Stored dataset items:
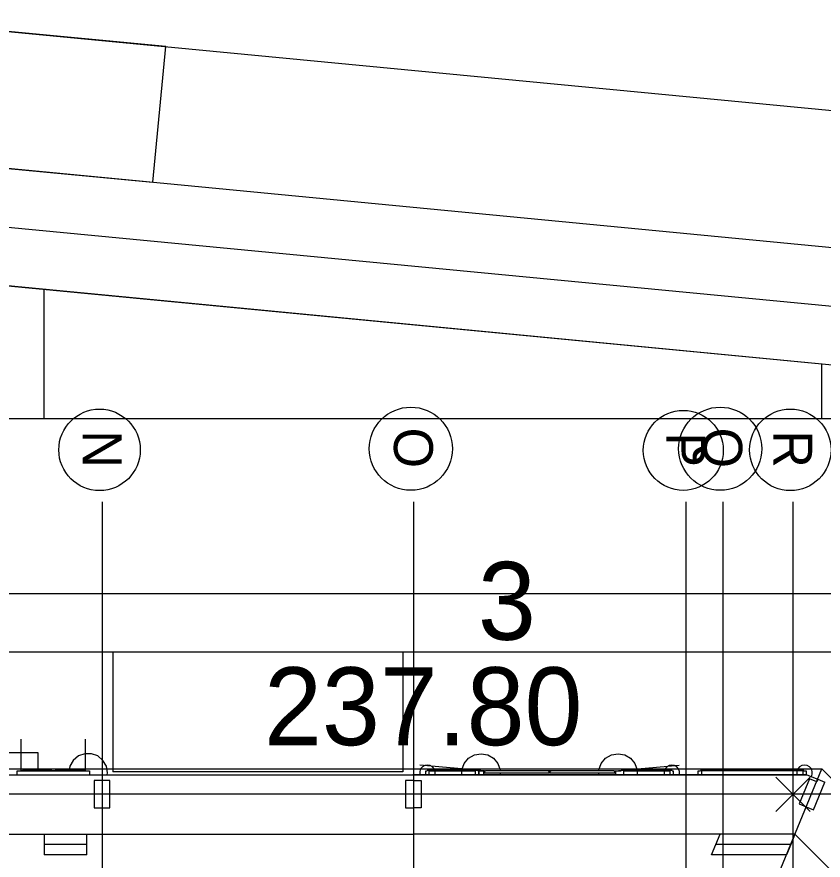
# Model space of a CAD drawing. Extents: x -264165 to -263575, y -1242333 to -1242036.
# Drawn here: x -263829.66 to -263808.94, y -1242089.65 to -1242067.99 of the extents above; entities that cross this region are included whole.
import ezdxf

# ---------------------------------------------------------------- set-up
doc = ezdxf.new("R2010")
doc.units = 0
for name, color, linetype in [('KFA_BODY_VYTYCOVAK', 7, 'Continuous'), ('KFA_HESCON_OSI_STAVBY', 7, 'Continuous'), ('KFA_SITUACIA_DRS_VYTYCOVAK_SEDA', 7, 'Continuous')]:
    doc.layers.add(name, color=color, linetype=linetype)

msp = doc.modelspace()

# ---------------------------------------------------------------- linework, layer by layer
at = {"layer": 'KFA_BODY_VYTYCOVAK'}
for p, q in [((-263810.152, -1242088.402), (-263809.268, -1242087.518)), ((-263809.268, -1242088.402), (-263810.152, -1242087.518))]:
    msp.add_line(p, q, dxfattribs=at)
at = {"layer": 'KFA_HESCON_OSI_STAVBY'}
for p, q in [((-263827.468, -1242080.447), (-263827.468, -1242080.447)), ((-263827.468, -1242080.447), (-263827.468, -1242248.737)), ((-263819.468, -1242080.447), (-263819.468, -1242080.447)), ((-263819.468, -1242080.447), (-263819.468, -1242248.737)), ((-263812.468, -1242080.447), (-263812.468, -1242080.447)), ((-263812.468, -1242080.447), (-263812.468, -1242248.737)), ((-263811.518, -1242080.447), (-263811.518, -1242080.447)), ((-263811.518, -1242080.447), (-263811.518, -1242248.737)), ((-263809.718, -1242080.447), (-263809.718, -1242080.447)), ((-263809.718, -1242080.447), (-263809.718, -1242248.737)), ((-263818.92, -1242111.335), (-263808.968, -1242087.307)), ((-263787.486, -1242087.957), (-263921.823, -1242087.957))]:
    msp.add_line(p, q, dxfattribs=at)
for centre, radius in [((-263827.533, -1242079.111), 1.047), ((-263819.533, -1242079.082), 1.068), ((-263812.533, -1242079.124), 1.027), ((-263811.583, -1242079.082), 1.068), ((-263809.783, -1242079.111), 1.047)]:
    msp.add_circle(centre, radius, dxfattribs=at)
at = {"layer": 'KFA_SITUACIA_DRS_VYTYCOVAK_SEDA'}
for p, q in [((-263765.318, -1242074.565), (-263863.949, -1242065.106)), ((-263825.827, -1242068.753), (-263832.746, -1242068.099)), ((-263765.364, -1242078.076), (-263864.283, -1242068.59)), ((-263826.161, -1242072.237), (-263825.827, -1242068.753)), ((-263766.58, -1242079.467), (-263864.426, -1242070.084)), ((-263765.366, -1242081.09), (-263864.57, -1242071.577)), ((-263766.58, -1242080.973), (-263864.546, -1242071.579)), ((-263833.106, -1242071.58), (-263826.161, -1242072.237)), ((-263828.968, -1242074.991), (-263828.968, -1242078.308)), ((-263808.968, -1242076.909), (-263828.968, -1242074.991)), ((-263808.968, -1242076.909), (-263828.968, -1242074.991)), ((-263828.968, -1242074.991), (-263828.968, -1242078.308)), ((-263808.968, -1242078.308), (-263808.968, -1242076.909)), ((-263808.968, -1242078.308), (-263808.968, -1242076.909)), ((-263918.093, -1242078.308), (-263807.725, -1242078.308)), ((-263828.968, -1242078.308), (-263808.968, -1242078.308)), ((-263828.968, -1242078.308), (-263823.968, -1242078.308)), ((-263823.968, -1242078.308), (-263808.968, -1242078.308)), ((-263808.225, -1242082.808), (-263916.593, -1242082.808)), ((-263807.725, -1242084.308), (-263851.968, -1242084.308)), ((-263827.188, -1242084.307), (-263827.188, -1242087.377)), ((-263827.188, -1242084.307), (-263827.188, -1242087.377)), ((-263819.738, -1242084.307), (-263827.188, -1242084.307)), ((-263819.738, -1242084.307), (-263827.188, -1242084.307)), ((-263819.738, -1242084.307), (-263819.738, -1242087.377)), ((-263819.738, -1242084.307), (-263819.738, -1242087.377)), ((-263829.543, -1242087.357), (-263829.543, -1242086.542)), ((-263829.543, -1242087.357), (-263829.543, -1242086.542)), ((-263827.893, -1242087.357), (-263827.893, -1242086.542)), ((-263827.893, -1242087.357), (-263827.893, -1242086.542)), ((-263829.108, -1242086.896), (-263832.828, -1242086.896)), ((-263829.108, -1242086.896), (-263832.828, -1242086.896)), ((-263829.108, -1242087.347), (-263829.108, -1242086.896)), ((-263829.108, -1242087.347), (-263829.108, -1242086.896)), ((-263828.078, -1242086.974), (-263828.211, -1242087.086)), ((-263828.078, -1242086.974), (-263828.211, -1242087.086)), ((-263827.915, -1242086.915), (-263828.078, -1242086.974)), ((-263827.915, -1242086.915), (-263828.078, -1242086.974)), ((-263827.741, -1242086.915), (-263827.915, -1242086.915)), ((-263827.741, -1242086.915), (-263827.915, -1242086.915)), ((-263827.578, -1242086.974), (-263827.741, -1242086.915)), ((-263827.578, -1242086.974), (-263827.741, -1242086.915)), ((-263827.445, -1242087.086), (-263827.578, -1242086.974)), ((-263827.445, -1242087.086), (-263827.578, -1242086.974)), ((-263818.049, -1242087.034), (-263817.899, -1242086.947)), ((-263818.049, -1242087.034), (-263817.899, -1242086.947)), ((-263817.899, -1242086.947), (-263817.728, -1242086.917)), ((-263817.899, -1242086.947), (-263817.728, -1242086.917)), ((-263817.728, -1242086.917), (-263817.557, -1242086.947)), ((-263817.728, -1242086.917), (-263817.557, -1242086.947)), ((-263817.557, -1242086.947), (-263817.406, -1242087.034)), ((-263817.557, -1242086.947), (-263817.406, -1242087.034)), ((-263814.529, -1242087.034), (-263814.379, -1242086.947)), ((-263814.529, -1242087.034), (-263814.379, -1242086.947)), ((-263814.379, -1242086.947), (-263814.208, -1242086.917)), ((-263814.379, -1242086.947), (-263814.208, -1242086.917)), ((-263814.208, -1242086.917), (-263814.037, -1242086.947)), ((-263814.208, -1242086.917), (-263814.037, -1242086.947)), ((-263814.037, -1242086.947), (-263813.886, -1242087.034)), ((-263814.037, -1242086.947), (-263813.886, -1242087.034)), ((-263828.211, -1242087.086), (-263828.298, -1242087.236)), ((-263828.211, -1242087.086), (-263828.298, -1242087.236)), ((-263827.358, -1242087.236), (-263827.445, -1242087.086)), ((-263827.358, -1242087.236), (-263827.445, -1242087.086)), ((-263817.643, -1242087.357), (-263819.301, -1242087.212)), ((-263817.643, -1242087.357), (-263819.301, -1242087.212)), ((-263819.108, -1242087.207), (-263819.176, -1242087.219)), ((-263819.108, -1242087.207), (-263819.176, -1242087.219)), ((-263819.039, -1242087.219), (-263819.108, -1242087.207)), ((-263819.039, -1242087.219), (-263819.108, -1242087.207)), ((-263818.22, -1242087.33), (-263818.161, -1242087.167)), ((-263818.22, -1242087.33), (-263818.161, -1242087.167)), ((-263818.161, -1242087.167), (-263818.049, -1242087.034)), ((-263818.161, -1242087.167), (-263818.049, -1242087.034)), ((-263817.406, -1242087.034), (-263817.295, -1242087.167)), ((-263817.406, -1242087.034), (-263817.295, -1242087.167)), ((-263817.295, -1242087.167), (-263817.235, -1242087.33)), ((-263817.295, -1242087.167), (-263817.235, -1242087.33)), ((-263814.7, -1242087.33), (-263814.641, -1242087.167)), ((-263814.7, -1242087.33), (-263814.641, -1242087.167)), ((-263814.641, -1242087.167), (-263814.529, -1242087.034)), ((-263814.641, -1242087.167), (-263814.529, -1242087.034)), ((-263814.293, -1242087.357), (-263812.634, -1242087.212)), ((-263814.293, -1242087.357), (-263812.634, -1242087.212)), ((-263813.886, -1242087.034), (-263813.775, -1242087.167)), ((-263813.886, -1242087.034), (-263813.775, -1242087.167)), ((-263813.775, -1242087.167), (-263813.715, -1242087.33)), ((-263813.775, -1242087.167), (-263813.715, -1242087.33)), ((-263812.828, -1242087.207), (-263812.896, -1242087.219)), ((-263812.828, -1242087.207), (-263812.896, -1242087.219)), ((-263812.759, -1242087.219), (-263812.828, -1242087.207)), ((-263812.759, -1242087.219), (-263812.828, -1242087.207)), ((-263809.414, -1242087.207), (-263809.483, -1242087.219)), ((-263809.414, -1242087.207), (-263809.483, -1242087.219)), ((-263809.346, -1242087.219), (-263809.414, -1242087.207)), ((-263809.346, -1242087.219), (-263809.414, -1242087.207)), ((-263894.968, -1242087.307), (-263808.968, -1242087.307)), ((-263829.648, -1242087.457), (-263829.648, -1242087.357)), ((-263829.648, -1242087.457), (-263829.648, -1242087.357)), ((-263829.648, -1242087.357), (-263827.788, -1242087.357)), ((-263829.648, -1242087.357), (-263827.788, -1242087.357)), ((-263829.517, -1242087.357), (-263829.543, -1242087.357)), ((-263829.517, -1242087.357), (-263829.543, -1242087.357)), ((-263829.517, -1242087.357), (-263829.517, -1242087.347)), ((-263829.517, -1242087.357), (-263829.517, -1242087.347)), ((-263828.758, -1242087.347), (-263829.517, -1242087.347)), ((-263828.758, -1242087.347), (-263829.517, -1242087.347)), ((-263828.758, -1242087.357), (-263828.758, -1242087.347)), ((-263828.758, -1242087.357), (-263828.758, -1242087.347)), ((-263828.758, -1242087.347), (-263828.678, -1242087.347)), ((-263828.758, -1242087.347), (-263828.678, -1242087.347)), ((-263828.758, -1242087.357), (-263828.758, -1242087.347)), ((-263828.758, -1242087.357), (-263828.758, -1242087.347)), ((-263828.728, -1242087.357), (-263828.758, -1242087.357)), ((-263828.728, -1242087.357), (-263828.758, -1242087.357)), ((-263828.677, -1242087.357), (-263828.708, -1242087.357)), ((-263828.677, -1242087.357), (-263828.708, -1242087.357)), ((-263828.678, -1242087.347), (-263828.678, -1242087.357)), ((-263828.678, -1242087.347), (-263828.678, -1242087.357)), ((-263828.677, -1242087.347), (-263828.677, -1242087.357)), ((-263828.677, -1242087.347), (-263828.677, -1242087.357)), ((-263827.918, -1242087.347), (-263828.677, -1242087.347)), ((-263827.918, -1242087.347), (-263828.677, -1242087.347)), ((-263828.298, -1242087.236), (-263828.317, -1242087.347)), ((-263828.298, -1242087.236), (-263828.317, -1242087.347)), ((-263827.918, -1242087.347), (-263827.918, -1242087.357)), ((-263827.918, -1242087.347), (-263827.918, -1242087.357)), ((-263827.893, -1242087.357), (-263827.918, -1242087.357)), ((-263827.893, -1242087.357), (-263827.918, -1242087.357)), ((-263827.788, -1242087.357), (-263827.788, -1242087.457)), ((-263827.788, -1242087.357), (-263827.788, -1242087.457)), ((-263827.328, -1242087.407), (-263827.358, -1242087.236)), ((-263827.328, -1242087.407), (-263827.358, -1242087.236)), ((-263827.337, -1242087.457), (-263827.328, -1242087.407)), ((-263827.337, -1242087.457), (-263827.328, -1242087.407)), ((-263819.738, -1242087.377), (-263827.188, -1242087.377)), ((-263819.738, -1242087.377), (-263827.188, -1242087.377)), ((-263819.281, -1242087.307), (-263819.305, -1242087.372)), ((-263819.281, -1242087.307), (-263819.305, -1242087.372)), ((-263819.305, -1242087.372), (-263819.305, -1242087.442)), ((-263819.305, -1242087.372), (-263819.305, -1242087.442)), ((-263819.236, -1242087.254), (-263819.281, -1242087.307)), ((-263819.236, -1242087.254), (-263819.281, -1242087.307)), ((-263819.176, -1242087.219), (-263819.236, -1242087.254)), ((-263819.176, -1242087.219), (-263819.236, -1242087.254)), ((-263819.148, -1242087.357), (-263819.117, -1242087.357)), ((-263819.148, -1242087.357), (-263819.117, -1242087.357)), ((-263819.148, -1242087.457), (-263819.148, -1242087.357)), ((-263819.148, -1242087.457), (-263819.148, -1242087.357)), ((-263817.808, -1242087.347), (-263819.117, -1242087.347)), ((-263817.808, -1242087.347), (-263819.117, -1242087.347)), ((-263819.117, -1242087.347), (-263819.117, -1242087.357)), ((-263819.117, -1242087.347), (-263819.117, -1242087.357)), ((-263819.068, -1242087.357), (-263817.868, -1242087.357)), ((-263819.068, -1242087.357), (-263817.868, -1242087.357)), ((-263819.068, -1242087.357), (-263819.068, -1242087.457)), ((-263819.068, -1242087.357), (-263819.068, -1242087.457)), ((-263818.979, -1242087.254), (-263819.039, -1242087.219)), ((-263818.979, -1242087.254), (-263819.039, -1242087.219)), ((-263818.935, -1242087.307), (-263818.979, -1242087.254)), ((-263818.935, -1242087.307), (-263818.979, -1242087.254)), ((-263818.92, -1242087.347), (-263818.935, -1242087.307)), ((-263818.92, -1242087.347), (-263818.935, -1242087.307)), ((-263818.911, -1242087.372), (-263818.916, -1242087.357)), ((-263818.911, -1242087.372), (-263818.916, -1242087.357)), ((-263818.911, -1242087.442), (-263818.911, -1242087.372)), ((-263818.911, -1242087.442), (-263818.911, -1242087.372)), ((-263818.22, -1242087.347), (-263818.22, -1242087.33)), ((-263818.22, -1242087.347), (-263818.22, -1242087.33)), ((-263818.22, -1242087.457), (-263818.22, -1242087.357)), ((-263818.22, -1242087.457), (-263818.22, -1242087.357)), ((-263817.868, -1242087.457), (-263817.868, -1242087.357)), ((-263817.868, -1242087.457), (-263817.868, -1242087.357)), ((-263817.808, -1242087.357), (-263817.808, -1242087.347)), ((-263817.808, -1242087.357), (-263817.808, -1242087.347)), ((-263817.808, -1242087.357), (-263817.788, -1242087.357)), ((-263817.808, -1242087.357), (-263817.788, -1242087.357)), ((-263817.788, -1242087.357), (-263817.788, -1242087.457)), ((-263817.788, -1242087.357), (-263817.788, -1242087.457)), ((-263817.788, -1242087.457), (-263817.788, -1242087.357)), ((-263817.788, -1242087.457), (-263817.788, -1242087.357)), ((-263817.788, -1242087.357), (-263817.668, -1242087.357)), ((-263817.788, -1242087.357), (-263817.668, -1242087.357)), ((-263817.668, -1242087.357), (-263817.668, -1242087.457)), ((-263817.668, -1242087.357), (-263817.668, -1242087.457)), ((-263817.643, -1242087.357), (-263817.643, -1242087.417)), ((-263817.643, -1242087.357), (-263817.643, -1242087.417)), ((-263817.643, -1242087.357), (-263817.617, -1242087.357)), ((-263817.643, -1242087.357), (-263817.617, -1242087.357)), ((-263815.978, -1242087.417), (-263817.643, -1242087.417)), ((-263815.978, -1242087.417), (-263817.643, -1242087.417)), ((-263817.617, -1242087.347), (-263817.617, -1242087.357)), ((-263817.617, -1242087.347), (-263817.617, -1242087.357)), ((-263817.617, -1242087.347), (-263816.008, -1242087.347)), ((-263817.617, -1242087.347), (-263816.008, -1242087.347)), ((-263817.235, -1242087.33), (-263817.235, -1242087.347)), ((-263817.235, -1242087.33), (-263817.235, -1242087.347)), ((-263817.235, -1242087.417), (-263817.235, -1242087.457)), ((-263817.235, -1242087.417), (-263817.235, -1242087.457)), ((-263816.008, -1242087.357), (-263816.008, -1242087.347)), ((-263816.008, -1242087.357), (-263816.008, -1242087.347)), ((-263816.008, -1242087.347), (-263815.928, -1242087.347)), ((-263816.008, -1242087.347), (-263815.928, -1242087.347)), ((-263816.008, -1242087.357), (-263816.008, -1242087.347)), ((-263816.008, -1242087.357), (-263816.008, -1242087.347)), ((-263815.928, -1242087.357), (-263816.008, -1242087.357)), ((-263815.928, -1242087.357), (-263816.008, -1242087.357)), ((-263816.008, -1242087.357), (-263815.978, -1242087.357)), ((-263816.008, -1242087.357), (-263815.978, -1242087.357)), ((-263815.978, -1242087.417), (-263815.978, -1242087.357)), ((-263815.978, -1242087.417), (-263815.978, -1242087.357)), ((-263815.958, -1242087.357), (-263815.958, -1242087.417)), ((-263815.958, -1242087.357), (-263815.958, -1242087.417)), ((-263815.958, -1242087.357), (-263815.927, -1242087.357)), ((-263815.958, -1242087.357), (-263815.927, -1242087.357)), ((-263814.293, -1242087.417), (-263815.958, -1242087.417)), ((-263814.293, -1242087.417), (-263815.958, -1242087.417)), ((-263815.928, -1242087.347), (-263815.928, -1242087.357)), ((-263815.928, -1242087.347), (-263815.928, -1242087.357)), ((-263815.927, -1242087.347), (-263815.927, -1242087.357)), ((-263815.927, -1242087.347), (-263815.927, -1242087.357)), ((-263815.927, -1242087.347), (-263814.318, -1242087.347)), ((-263815.927, -1242087.347), (-263814.318, -1242087.347)), ((-263814.7, -1242087.347), (-263814.7, -1242087.33)), ((-263814.7, -1242087.347), (-263814.7, -1242087.33)), ((-263814.7, -1242087.457), (-263814.7, -1242087.417)), ((-263814.7, -1242087.457), (-263814.7, -1242087.417)), ((-263814.318, -1242087.357), (-263814.318, -1242087.347)), ((-263814.318, -1242087.357), (-263814.318, -1242087.347)), ((-263814.318, -1242087.357), (-263814.293, -1242087.357)), ((-263814.318, -1242087.357), (-263814.293, -1242087.357)), ((-263814.293, -1242087.417), (-263814.293, -1242087.357)), ((-263814.293, -1242087.417), (-263814.293, -1242087.357)), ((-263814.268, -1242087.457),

YOUR TASK: In the entries above, find the line holding "# Drawn here: x" and the line holding "for name, color, linetype", then retype exactly those two lines and every line between them, and nothing else.

RESPONSE FOR THIS EXERCISE:
# Drawn here: x -263829.66 to -263808.94, y -1242089.65 to -1242067.99 of the extents above; entities that cross this region are included whole.
import ezdxf

# ---------------------------------------------------------------- set-up
doc = ezdxf.new("R2010")
doc.units = 0
for name, color, linetype in [('KFA_BODY_VYTYCOVAK', 7, 'Continuous'), ('KFA_HESCON_OSI_STAVBY', 7, 'Continuous'), ('KFA_SITUACIA_DRS_VYTYCOVAK_SEDA', 7, 'Continuous')]:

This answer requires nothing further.